Using the data below, show every line where the word "placement" occurs.

------------------------------------------------------------------------

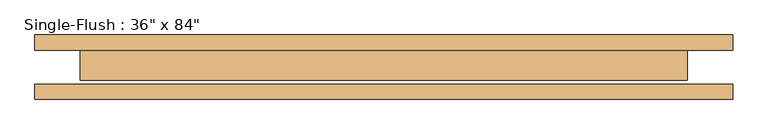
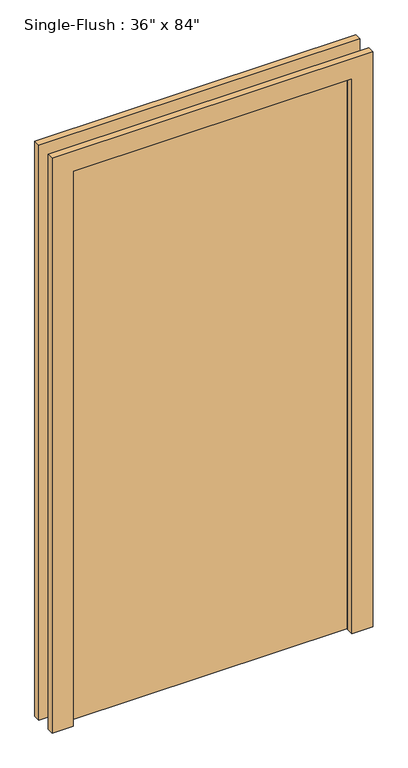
"""IFC4 building model written with IfcOpenShell, lengths in millimetres: door geometry."""

from ifc_helpers import new_model, si_unit, frame, origin, origin_with_axes, place, context, project, spatial, polyline, outline, extrude, source, transform, mapped, element, save


def door_f56e31f7(model_context):
    return source(origin(), model_context, "Body", "SweptSolid", [
        extrude(outline(polyline([(2209.8, -584.2), (0.0, -584.2), (0.0, -508.0), (2133.6, -508.0), (2133.6, 508.0), (0.0, 508.0), (0.0, 584.2), (2209.8, 584.2), (2209.8, -584.2)])), frame((0.0, 28.575, 0.0), z_axis=(0.0, 1.0, 0.0), x_axis=(0.0, 0.0, 1.0)), (0.0, 0.0, 1.0), 25.4),
        extrude(outline(polyline([(2209.8, 584.2), (2209.8, -584.2), (0.0, -584.2), (0.0, -508.0), (2133.6, -508.0), (2133.6, 508.0), (0.0, 508.0), (0.0, 584.2), (2209.8, 584.2)])), frame((0.0, -53.975, 0.0), z_axis=(0.0, 1.0, 0.0), x_axis=(0.0, 0.0, 1.0)), (0.0, 0.0, 1.0), 25.4),
        extrude(outline(polyline([(508.0, -22.225), (-508.0, -22.225), (-508.0, 28.575), (508.0, 28.575), (508.0, -22.225)])), origin_with_axes(), (0.0, 0.0, 1.0), 2133.6),
    ])


if __name__ == "__main__":
    model = new_model("IFC4")
    model_context = context("Model", 3, world=origin())
    ifc_project = project(units=[si_unit("LENGTHUNIT", "METRE", prefix="MILLI")], contexts=[model_context])
    site = spatial("IfcSite", under=ifc_project)
    building = spatial("IfcBuilding", under=site)
    placement = place(None, origin())
    door_shape = door_f56e31f7(model_context)
    element("IfcDoor", 1, ObjectType="Single-Flush : 36\" x 84\"", at=placement, inside=building, context=model_context, shape_type="MappedRepresentation", body=[
        mapped(door_shape, transform((0.0, 0.0, 0.0), x_axis=(1.0, 0.0, 0.0), y_axis=(0.0, 1.0, 0.0), z_axis=(0.0, 0.0, 1.0))),
    ])
    save(model, "model.ifc")

------------------------------------------------------------------------

*WRITTEN RESPONSE*.
    placement = place(None, origin())
    element("IfcDoor", 1, ObjectType="Single-Flush : 36\" x 84\"", at=placement, inside=building, context=model_context, shape_type="MappedRepresentation", body=[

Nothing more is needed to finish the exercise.